Community Catalysts, became the home of the Local Area Coordination Network, in June last year. We feel privileged to be able to support this highly personalised and holistic approach which helps people untangle themselves from often complex and destructive situations and take steps towards living the life they want. This evidence-based model sees Local Area Coordinators embedded in local communities and working in a strongly place-based way. Their local presence means that they really understand the community and are well-connected. They are locally known and accessible to local people who introduce themselves or friends and neighbours needing some help. Coordinators help people to think about their good life and draw upon their own strengths and the assets of their community to take steps towards that. In the process people begin to build local, natural, mutually valued relationships and gain the confidence they need to contribute to their neighbourhood.
In the short time that we have been working with Local Area Coordination we have seen growing numbers of areas where social prescribing and Local Area Coordination work in complementary and collaborative ways, adding value to each other’s work.
The collaboration between Local Area Coordination and Social Prescribing in York is a fantastic example as highlighted nicely by Jennie Cox, a Local Area Coordinator. Jennie says:
We are often asked if there is an overlap or duplication in our work [the work of local area coordinators and social prescribing], however we have forged such smart ways of working in co-production that I couldn’t now imagine one without the other.

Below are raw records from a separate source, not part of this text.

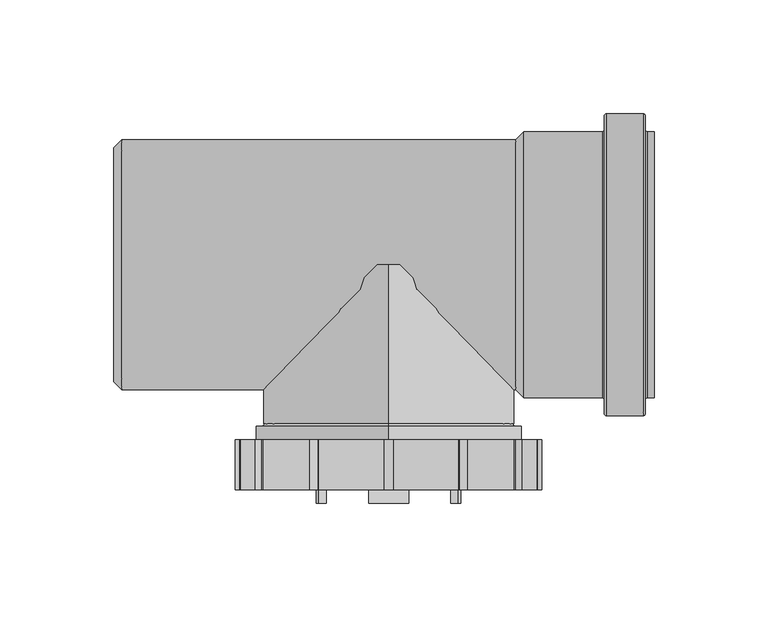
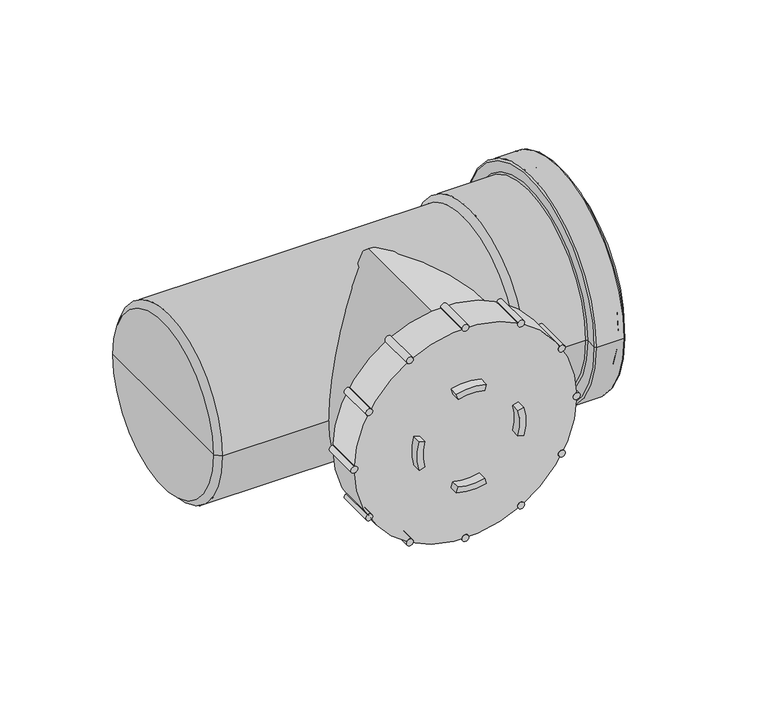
"""IFC4 building model written with IfcOpenShell, lengths in millimetres: pipe fitting geometry, MarleyPlumbingAndDrainage_PipeFitting_dBlueAccess_VCZ-110-000-00D : VCZ-110-000-00D - 110mm - Blue."""

from ifc_helpers import new_model, si_unit, point, frame, frame_2d, origin, place, context, project, spatial, polyline, circle_curve, ellipse_curve, trimmed, segment, composite_curve, outline, extrude, source, transform, mapped, element, save
from ifc_brep_helpers import plane_surface, cylinder_surface, revolved_surface, advanced_brep


def pipe_fitting_27dfb203(model_context):
    return source(origin(), model_context, "Body", "SolidModel", [
        extrude(outline(composite_curve([segment(trimmed(circle_curve(frame_2d((32.75, -454.0706525)), 2.0), [point((34.4820508, -455.0706525))], [point((31.0179492, -453.0706525))], False, "CARTESIAN"), True, "CONTINUOUS"), segment(trimmed(circle_curve(frame_2d((32.75, -454.0706525)), 2.0), [point((31.0179492, -453.0706525))], [point((34.4820508, -455.0706525))], False, "CARTESIAN"), True, "CONTINUOUS")], self_intersect=False)), frame((0.0, -99.0, 0.0), z_axis=(0.0, 1.0, 0.0), x_axis=(0.0, 0.0, 1.0)), (0.0, 0.0, 1.0), 22.0),
        extrude(outline(composite_curve([segment(trimmed(circle_curve(frame_2d((0.0, -445.2953164)), 2.0), [point((2.0, -445.2953164))], [point((-2.0, -445.2953164))], False, "CARTESIAN"), True, "CONTINUOUS"), segment(trimmed(circle_curve(frame_2d((0.0, -445.2953164)), 2.0), [point((-2.0, -445.2953164))], [point((2.0, -445.2953164))], False, "CARTESIAN"), True, "CONTINUOUS")], self_intersect=False)), frame((0.0, -99.0, 0.0), z_axis=(0.0, 1.0, 0.0), x_axis=(0.0, 0.0, 1.0)), (0.0, 0.0, 1.0), 22.0),
        extrude(outline(composite_curve([segment(trimmed(circle_curve(frame_2d((-32.75, -454.0706525)), 2.0), [point((-31.0179492, -453.0706525))], [point((-34.4820508, -455.0706525))], False, "CARTESIAN"), True, "CONTINUOUS"), segment(trimmed(circle_curve(frame_2d((-32.75, -454.0706525)), 2.0), [point((-34.4820508, -455.0706525))], [point((-31.0179492, -453.0706525))], False, "CARTESIAN"), True, "CONTINUOUS")], self_intersect=False)), frame((0.0, -99.0, 0.0), z_axis=(0.0, 1.0, 0.0), x_axis=(0.0, 0.0, 1.0)), (0.0, 0.0, 1.0), 22.0),
        extrude(outline(composite_curve([segment(trimmed(circle_curve(frame_2d((-56.7246639, -478.0453164)), 2.0), [point((-55.7246639, -476.3132656))], [point((-57.7246639, -479.7773672))], False, "CARTESIAN"), True, "CONTINUOUS"), segment(trimmed(circle_curve(frame_2d((-56.7246639, -478.0453164)), 2.0), [point((-57.7246639, -479.7773672))], [point((-55.7246639, -476.3132656))], False, "CARTESIAN"), True, "CONTINUOUS")], self_intersect=False)), frame((0.0, -99.0, 0.0), z_axis=(0.0, 1.0, 0.0), x_axis=(0.0, 0.0, 1.0)), (0.0, 0.0, 1.0), 22.0),
        extrude(outline(composite_curve([segment(trimmed(circle_curve(frame_2d((-65.5, -510.7953164)), 2.0), [point((-65.5, -508.7953164))], [point((-65.5, -512.7953164))], False, "CARTESIAN"), True, "CONTINUOUS"), segment(trimmed(circle_curve(frame_2d((-65.5, -510.7953164)), 2.0), [point((-65.5, -512.7953164))], [point((-65.5, -508.7953164))], False, "CARTESIAN"), True, "CONTINUOUS")], self_intersect=False)), frame((0.0, -99.0, 0.0), z_axis=(0.0, 1.0, 0.0), x_axis=(0.0, 0.0, 1.0)), (0.0, 0.0, 1.0), 22.0),
        extrude(outline(composite_curve([segment(trimmed(circle_curve(frame_2d((-56.7246639, -543.5453164)), 2.0), [point((-57.7246639, -541.8132656))], [point((-55.7246639, -545.2773672))], False, "CARTESIAN"), True, "CONTINUOUS"), segment(trimmed(circle_curve(frame_2d((-56.7246639, -543.5453164)), 2.0), [point((-55.7246639, -545.2773672))], [point((-57.7246639, -541.8132656))], False, "CARTESIAN"), True, "CONTINUOUS")], self_intersect=False)), frame((0.0, -99.0, 0.0), z_axis=(0.0, 1.0, 0.0), x_axis=(0.0, 0.0, 1.0)), (0.0, 0.0, 1.0), 22.0),
        extrude(outline(composite_curve([segment(trimmed(circle_curve(frame_2d((-32.75, -567.5199803)), 2.0), [point((-34.4820508, -566.5199803))], [point((-31.0179492, -568.5199803))], False, "CARTESIAN"), True, "CONTINUOUS"), segment(trimmed(circle_curve(frame_2d((-32.75, -567.5199803)), 2.0), [point((-31.0179492, -568.5199803))], [point((-34.4820508, -566.5199803))], False, "CARTESIAN"), True, "CONTINUOUS")], self_intersect=False)), frame((0.0, -99.0, 0.0), z_axis=(0.0, 1.0, 0.0), x_axis=(0.0, 0.0, 1.0)), (0.0, 0.0, 1.0), 22.0),
        extrude(outline(composite_curve([segment(trimmed(circle_curve(frame_2d((0.0, -576.2953164)), 2.0), [point((-2.0, -576.2953164))], [point((2.0, -576.2953164))], False, "CARTESIAN"), True, "CONTINUOUS"), segment(trimmed(circle_curve(frame_2d((0.0, -576.2953164)), 2.0), [point((2.0, -576.2953164))], [point((-2.0, -576.2953164))], False, "CARTESIAN"), True, "CONTINUOUS")], self_intersect=False)), frame((0.0, -99.0, 0.0), z_axis=(0.0, 1.0, 0.0), x_axis=(0.0, 0.0, 1.0)), (0.0, 0.0, 1.0), 22.0),
        extrude(outline(composite_curve([segment(trimmed(circle_curve(frame_2d((32.75, -567.5199803)), 2.0), [point((31.0179492, -568.5199803))], [point((34.4820508, -566.5199803))], False, "CARTESIAN"), True, "CONTINUOUS"), segment(trimmed(circle_curve(frame_2d((32.75, -567.5199803)), 2.0), [point((34.4820508, -566.5199803))], [point((31.0179492, -568.5199803))], False, "CARTESIAN"), True, "CONTINUOUS")], self_intersect=False)), frame((0.0, -99.0, 0.0), z_axis=(0.0, 1.0, 0.0), x_axis=(0.0, 0.0, 1.0)), (0.0, 0.0, 1.0), 22.0),
        extrude(outline(composite_curve([segment(trimmed(circle_curve(frame_2d((56.7246639, -543.5453164)), 2.0), [point((55.7246639, -545.2773672))], [point((57.7246639, -541.8132656))], False, "CARTESIAN"), True, "CONTINUOUS"), segment(trimmed(circle_curve(frame_2d((56.7246639, -543.5453164)), 2.0), [point((57.7246639, -541.8132656))], [point((55.7246639, -545.2773672))], False, "CARTESIAN"), True, "CONTINUOUS")], self_intersect=False)), frame((0.0, -99.0, 0.0), z_axis=(0.0, 1.0, 0.0), x_axis=(0.0, 0.0, 1.0)), (0.0, 0.0, 1.0), 22.0),
        extrude(outline(composite_curve([segment(trimmed(circle_curve(frame_2d((56.7246639, -478.0453164)), 2.0), [point((57.7246639, -479.7773672))], [point((55.7246639, -476.3132656))], False, "CARTESIAN"), True, "CONTINUOUS"), segment(trimmed(circle_curve(frame_2d((56.7246639, -478.0453164)), 2.0), [point((55.7246639, -476.3132656))], [point((57.7246639, -479.7773672))], False, "CARTESIAN"), True, "CONTINUOUS")], self_intersect=False)), frame((0.0, -99.0, 0.0), z_axis=(0.0, 1.0, 0.0), x_axis=(0.0, 0.0, 1.0)), (0.0, 0.0, 1.0), 22.0),
        extrude(outline(composite_curve([segment(trimmed(circle_curve(frame_2d((65.5, -510.7953164)), 2.0), [point((65.5, -512.7953164))], [point((65.5, -508.7953164))], False, "CARTESIAN"), True, "CONTINUOUS"), segment(trimmed(circle_curve(frame_2d((65.5, -510.7953164)), 2.0), [point((65.5, -508.7953164))], [point((65.5, -512.7953164))], False, "CARTESIAN"), True, "CONTINUOUS")], self_intersect=False)), frame((0.0, -99.0, 0.0), z_axis=(0.0, 1.0, 0.0), x_axis=(0.0, 0.0, 1.0)), (0.0, 0.0, 1.0), 22.0),
        advanced_brep(
        [(-576.2953164, -99.0, 0.0), (-445.2953164, -99.0, 0.0), (-576.2953164, -77.0, 0.0), (-445.2953164, -77.0, 0.0), (-510.7953164, -77.0, -58.5), (-510.7953164, -77.0, 58.5), (-510.7953164, -71.0, -58.5), (-510.7953164, -71.0, 58.5), (-510.7953164, -71.0, -56.0), (-510.7953164, -71.0, 56.0), (-510.7953164, -70.0, -55.0), (-510.7953164, -70.0, 55.0), (-510.7953164, 0.0, -55.0), (-510.7953164, 0.0, 55.0), (-510.7953164, 0.0, 0.0)],
        [
            (0, 1, circle_curve(frame((-510.7953164, -99.0, 0.0), z_axis=(0.0, -1.0, 0.0), x_axis=(1.0, 0.0, 0.0)), 65.5)),
            (1, 0, circle_curve(frame((-510.7953164, -99.0, 0.0), z_axis=(0.0, -1.0, 0.0), x_axis=(1.0, 0.0, 0.0)), 65.5)),
            (2, 3, circle_curve(frame((-510.7953164, -77.0, 0.0), z_axis=(0.0, 1.0, 0.0), x_axis=(1.0, 0.0, 0.0)), 65.5)),
            (3, 2, circle_curve(frame((-510.7953164, -77.0, 0.0), z_axis=(0.0, 1.0, 0.0), x_axis=(1.0, 0.0, 0.0)), 65.5)),
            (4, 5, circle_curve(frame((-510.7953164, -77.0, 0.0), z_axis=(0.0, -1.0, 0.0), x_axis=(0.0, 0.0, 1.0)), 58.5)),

Her colleague Jasmine Howard who leads the social prescribing team concurs saying:
This works so well, I think largely because we share the same values – being collaborative, person centred and strengths based.
Thurrock provides a similar example of really effective collaborative working that has strong local impact. The social prescribing team take referrals from GP practices but often introduce people to the idea of Local Area Coordination. The shared approach which places the person at the centre of their own life, enables both teams to collaborate in helping people to achieve their vision of a fuller and happier life.
We really look forward to working closely with more social prescribing teams as they develop across the country, ensuring that our two approaches continue to complement each other helping people to change their lives for the better.